Now back to the SZBA talk. A lot of what I had to say might be seen as controversial and maybe even heretical by some members in the organization, mostly American Soto Zen priests. I had no interest in starting a fight, though, and so hoped my tone was in the “gentle challenge” range.

Before the talk, I was informed by the very competent director of the SZBA, that over 100 people had registered. As a sign of the times, though, almost everyone who attended the talk were either students, Zen teacher colleagues who share most of my views, or students who heard of the talk through the Rinzai Zen Facebook Group. I didn’t see anyone in attendance who I recognized as an SZBA member.

It is increasingly difficult to communicate with those who are not in our “perspective silos.” I knew how true that was in politics, but was surprised to see it also in the Zen realm.

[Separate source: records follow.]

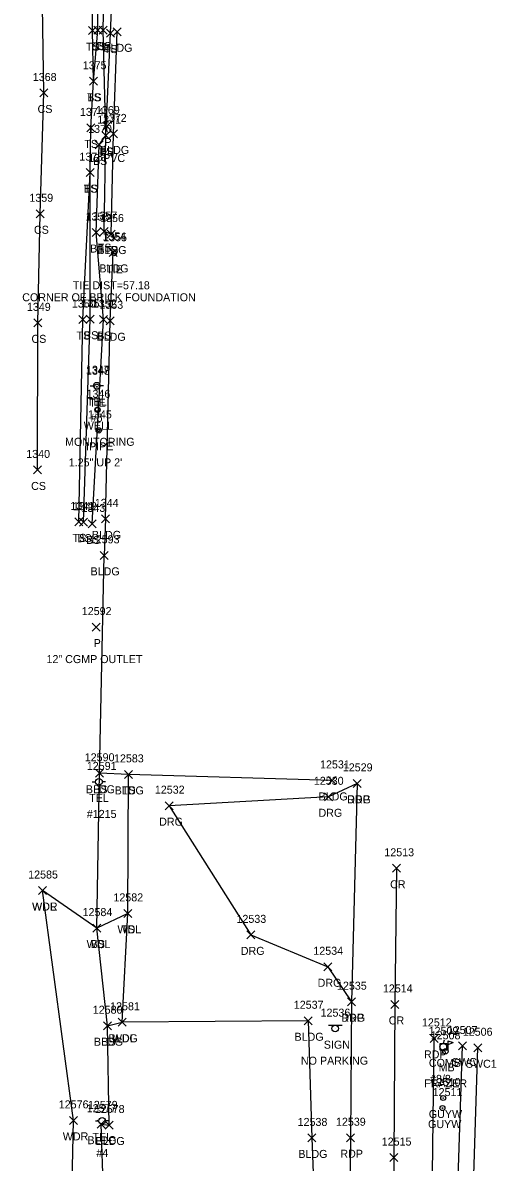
# Model space of a CAD drawing. Extents: x 1769141 to 1770817, y 735471 to 742405.
# Drawn here: x 1770172.1 to 1770290.5, y 741211.2 to 741496 of the extents above; entities that cross this region are included whole.
import ezdxf

# ---------------------------------------------------------------- set-up
doc = ezdxf.new("R2010")
doc.units = 0
for name, color, linetype in [('C_A', 7, 'Continuous'), ('C_C', 7, 'Continuous'), ('C_I', 7, 'Continuous'), ('CBP', 7, 'Continuous'), ('D_A', 7, 'Continuous'), ('D_C', 7, 'Continuous'), ('D_I', 7, 'Continuous'), ('D_TIC', 7, 'Continuous'), ('L_A', 7, 'Continuous'), ('L_C', 7, 'Continuous'), ('L_I', 7, 'Continuous'), ('L_TIC', 7, 'Continuous'), ('LAWA', 7, 'Continuous'), ('LBC', 7, 'Continuous'), ('LELB', 7, 'Continuous'), ('LMB', 7, 'Continuous'), ('M_A', 7, 'Continuous'), ('M_C', 7, 'Continuous'), ('M_I', 7, 'Continuous'), ('MPIP', 7, 'Continuous'), ('P_A', 7, 'Continuous'), ('P_I', 7, 'Continuous'), ('P_TIC', 7, 'Continuous'), ('PET', 7, 'Continuous'), ('PRC', 7, 'Continuous'), ('R_A', 7, 'Continuous'), ('R_I', 7, 'Continuous'), ('R_TIC', 7, 'Continuous'), ('RDG', 7, 'Continuous'), ('RSW', 7, 'Continuous'), ('S_A', 7, 'Continuous'), ('S_C', 7, 'Continuous'), ('S_I', 7, 'Continuous'), ('SSGN', 7, 'Continuous'), ('U_A', 7, 'Continuous'), ('U_C', 7, 'Continuous'), ('U_I', 7, 'Continuous'), ('UP', 7, 'Continuous'), ('UPGW', 7, 'Continuous'), ('UWW', 7, 'Continuous')]:
    doc.layers.add(name, color=color, linetype=linetype)

msp = doc.modelspace()

# ---------------------------------------------------------------- linework, layer by layer
at = {"layer": 'CBP'}
for centre, radius in [((1770194.94, 741438.44), 0.625), ((1770194.94, 741438.44), 0.0833), ((1770190.65, 741405.07), 0.625), ((1770190.65, 741405.07), 0.0833)]:
    msp.add_circle(centre, radius, dxfattribs=at)
at = {"layer": 'D_TIC'}
for points in [[(1770192.18, 741469.25), (1770194.18, 741471.25)], [(1770194.18, 741469.25), (1770192.18, 741471.25)], [(1770189.48, 741344), (1770191.48, 741346)], [(1770191.48, 741344), (1770189.48, 741346)]]:
    msp.add_lwpolyline(points, dxfattribs=at)
at = {"layer": 'L_TIC'}
for points in [[(1770188.54, 741493.09), (1770190.54, 741495.09)], [(1770190.54, 741493.09), (1770188.54, 741495.09)], [(1770189.88, 741493.18), (1770191.88, 741495.18)], [(1770191.88, 741493.18), (1770189.88, 741495.18)], [(1770191.23, 741493.22), (1770193.23, 741495.22)], [(1770193.23, 741493.22), (1770191.23, 741495.22)], [(1770193.03, 741492.48), (1770195.03, 741494.48)], [(1770195.03, 741492.48), (1770193.03, 741494.48)], [(1770194.7, 741492.79), (1770196.7, 741494.79)], [(1770196.7, 741492.79), (1770194.7, 741494.79)], [(1770188.82, 741480.43), (1770190.82, 741482.43)], [(1770190.82, 741480.43), (1770188.82, 741482.43)], [(1770188.82, 741480.43), (1770190.82, 741482.43)], [(1770190.82, 741480.43), (1770188.82, 741482.43)], [(1770176.38, 741477.5), (1770178.38, 741479.5)], [(1770178.38, 741477.5), (1770176.38, 741479.5)], [(1770188.13, 741468.78), (1770190.13, 741470.78)], [(1770190.13, 741468.78), (1770188.13, 741470.78)], [(1770191.9, 741466.86), (1770193.9, 741468.86)], [(1770193.9, 741466.86), (1770191.9, 741468.86)], [(1770191.9, 741466.86), (1770193.9, 741468.86)], [(1770193.9, 741466.86), (1770191.9, 741468.86)], [(1770193.86, 741467.27), (1770195.86, 741469.27)], [(1770195.86, 741467.27), (1770193.86, 741469.27)], [(1770190.25, 741464.52), (1770192.25, 741466.52)], [(1770192.25, 741464.52), (1770190.25, 741466.52)], [(1770187.97, 741457.59), (1770189.97, 741459.59)], [(1770189.97, 741457.59), (1770187.97, 741459.59)], [(1770187.97, 741457.59), (1770189.97, 741459.59)], [(1770189.97, 741457.59), (1770187.97, 741459.59)], [(1770175.49, 741447.31), (1770177.49, 741449.31)], [(1770177.49, 741447.31), (1770175.49, 741449.31)], [(1770189.52, 741442.62), (1770191.52, 741444.62)], [(1770191.52, 741442.62), (1770189.52, 741444.62)], [(1770191.49, 741442.85), (1770193.49, 741444.85)], [(1770193.49, 741442.85), (1770191.49, 741444.85)], [(1770193.21, 741442.24), (1770195.21, 741444.24)], [(1770195.21, 741442.24), (1770193.21, 741444.24)], [(1770193.21, 741442.24), (1770195.21, 741444.24)], [(1770195.21, 741442.24), (1770193.21, 741444.24)], [(1770193.7, 741437.66), (1770195.7, 741439.66)], [(1770195.7, 741437.66), (1770193.7, 741439.66)], [(1770186.18, 741420.88), (1770188.18, 741422.88)], [(1770188.18, 741420.88), (1770186.18, 741422.88)], [(1770187.99, 741420.95), (1770189.99, 741422.95)], [(1770189.99, 741420.95), (1770187.99, 741422.95)], [(1770191.33, 741420.87), (1770193.33, 741422.87)], [(1770193.33, 741420.87), (1770191.33, 741422.87)], [(1770192.99, 741420.56), (1770194.99, 741422.56)], [(1770194.99, 741420.56), (1770192.99, 741422.56)], [(1770174.87, 741420.05), (1770176.87, 741422.05)], [(1770176.87, 741420.05), (1770174.87, 741422.05)], [(1770174.78, 741383.28), (1770176.78, 741385.28)], [(1770176.78, 741383.28), (1770174.78, 741385.28)], [(1770185.17, 741370.3), (1770187.17, 741372.3)], [(1770187.17, 741370.3), (1770185.17, 741372.3)], [(1770186.36, 741370.22), (1770188.36, 741372.22)], [(1770188.36, 741370.22), (1770186.36, 741372.22)], [(1770188.51, 741369.79), (1770190.51, 741371.79)], [(1770190.51, 741369.79), (1770188.51, 741371.79)], [(1770191.84, 741371.05), (1770193.84, 741373.05)], [(1770193.84, 741371.05), (1770191.84, 741373.05)], [(1770191.49, 741361.93), (1770193.49, 741363.93)], [(1770193.49, 741361.93), (1770191.49, 741363.93)], [(1770190.3, 741307.46), (1770192.3, 741309.46)], [(1770192.3, 741307.46), (1770190.3, 741309.46)], [(1770190.3, 741307.46), (1770192.3, 741309.46)], [(1770192.3, 741307.46), (1770190.3, 741309.46)], [(1770197.53, 741307.18), (1770199.53, 741309.18)], [(1770199.53, 741307.18), (1770197.53, 741309.18)], [(1770197.53, 741307.18), (1770199.53, 741309.18)], [(1770199.53, 741307.18), (1770197.53, 741309.18)], [(1770248.5, 741305.67), (1770250.5, 741307.67)], [(1770250.5, 741305.67), (1770248.5, 741307.67)], [(1770176.08, 741278.15), (1770178.08, 741280.15)], [(1770178.08, 741278.15), (1770176.08, 741280.15)], [(1770176.08, 741278.15), (1770178.08, 741280.15)], [(1770178.08, 741278.15), (1770176.08, 741280.15)], [(1770197.39, 741272.44), (1770199.39, 741274.44)], [(1770199.39, 741272.44), (1770197.39, 741274.44)], [(1770197.39, 741272.44), (1770199.39, 741274.44)], [(1770199.39, 741272.44), (1770197.39, 741274.44)], [(1770189.68, 741268.76), (1770191.68, 741270.76)], [(1770191.68, 741268.76), (1770189.68, 741270.76)], [(1770189.68, 741268.76), (1770191.68, 741270.76)], [(1770191.68, 741268.76), (1770189.68, 741270.76)], [(1770192.32, 741244.36), (1770194.32, 741246.36)], [(1770194.32, 741244.36), (1770192.32, 741246.36)], [(1770192.32, 741244.36), (1770194.32, 741246.36)], [(1770194.32, 741244.36), (1770192.32, 741246.36)], [(1770196.01, 741245.22), (1770198.01, 741247.22)], [(1770198.01, 741245.22), (1770196.01, 741247.22)], [(1770196.01, 741245.22), (1770198.01, 741247.22)], [(1770198.01, 741245.22), (1770196.01, 741247.22)], [(1770196.01, 741245.22), (1770198.01, 741247.22)], [(1770198.01, 741245.22), (1770196.01, 741247.22)], [(1770242.49, 741245.6), (1770244.49, 741247.6)], [(1770244.49, 741245.6), (1770242.49, 741247.6)], [(1770242.49, 741245.6), (1770244.49, 741247.6)], [(1770244.49, 741245.6), (1770242.49, 741247.6)], [(1770183.78, 741220.7), (1770185.78, 741222.7)], [(1770185.78, 741220.7), (1770183.78, 741222.7)], [(1770190.71, 741219.75), (1770192.71, 741221.75)], [(1770192.71, 741219.75), (1770190.71, 741221.75)], [(1770192.74, 741219.54), (1770194.74, 741221.54)], [(1770194.74, 741219.54), (1770192.74, 741221.54)], [(1770243.45, 741216.31), (1770245.45, 741218.31)], [(1770245.45, 741216.31), (1770243.45, 741218.31)]]:
    msp.add_lwpolyline(points, dxfattribs=at)
at = {"layer": 'LAWA'}
for points in [[(1770187.61, 741151.31), (1770184.04, 741186.63), (1770184.78, 741221.7), (1770177.08, 741279.15)], [(1770197.01, 741246.22), (1770198.39, 741273.44), (1770190.68, 741269.76), (1770177.08, 741279.15)]]:
    msp.add_lwpolyline(points, dxfattribs=at)
at = {"layer": 'LBC'}
for points in [[(1770194.21, 741443.24), (1770194.86, 741468.27), (1770195.7, 741493.79)], [(1770192.84, 741372.05), (1770193.99, 741421.56), (1770194.7, 741438.66)], [(1770192.84, 741372.05), (1770192.49, 741362.93)], [(1770249.5, 741306.67), (1770198.53, 741308.18), (1770191.3, 741308.46), (1770192.49, 741362.93)], [(1770218.24, 741153.48), (1770194.84, 741152.55), (1770193.62, 741152.51), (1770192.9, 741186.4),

The main points are these:

– a proposal for the Soto Zen Buddhist Association to include a more diverse range of perspectives on awakening and reclaim the Soto tradition’s great awakening narrative and practices while at the same time focussing on householder training
– an exploration of three perspectives on awakening in contemporary Soto
– a stream of awakening stories from within the tradition, including those of Gesshu Soko Zenji, Nishiari Bokusan Zenji, Suzuki Roshi, Katagiri Roshi, and two contemporary women practitioners
– finally, I briefly share the experience from the Vine as an example for how we might support the practice awakening of householders

More about our Cyber Zen experiment, the Vine

After eight years, the Vine of Obstacles is alive and well.

We’ve always seen what we’re doing on the Vine as an experiment, applying the principles of dharma work from our hybrid background – Soto forms with the Yasutani-Harada koan curriculum – to support householders in their practice-awakening projects. Our key principle for cyber dharma is to explore the possibilities of this technology, NOT to try to do what we’ve done before with the only difference being that we’ve got cameras connected to the internet trained on us.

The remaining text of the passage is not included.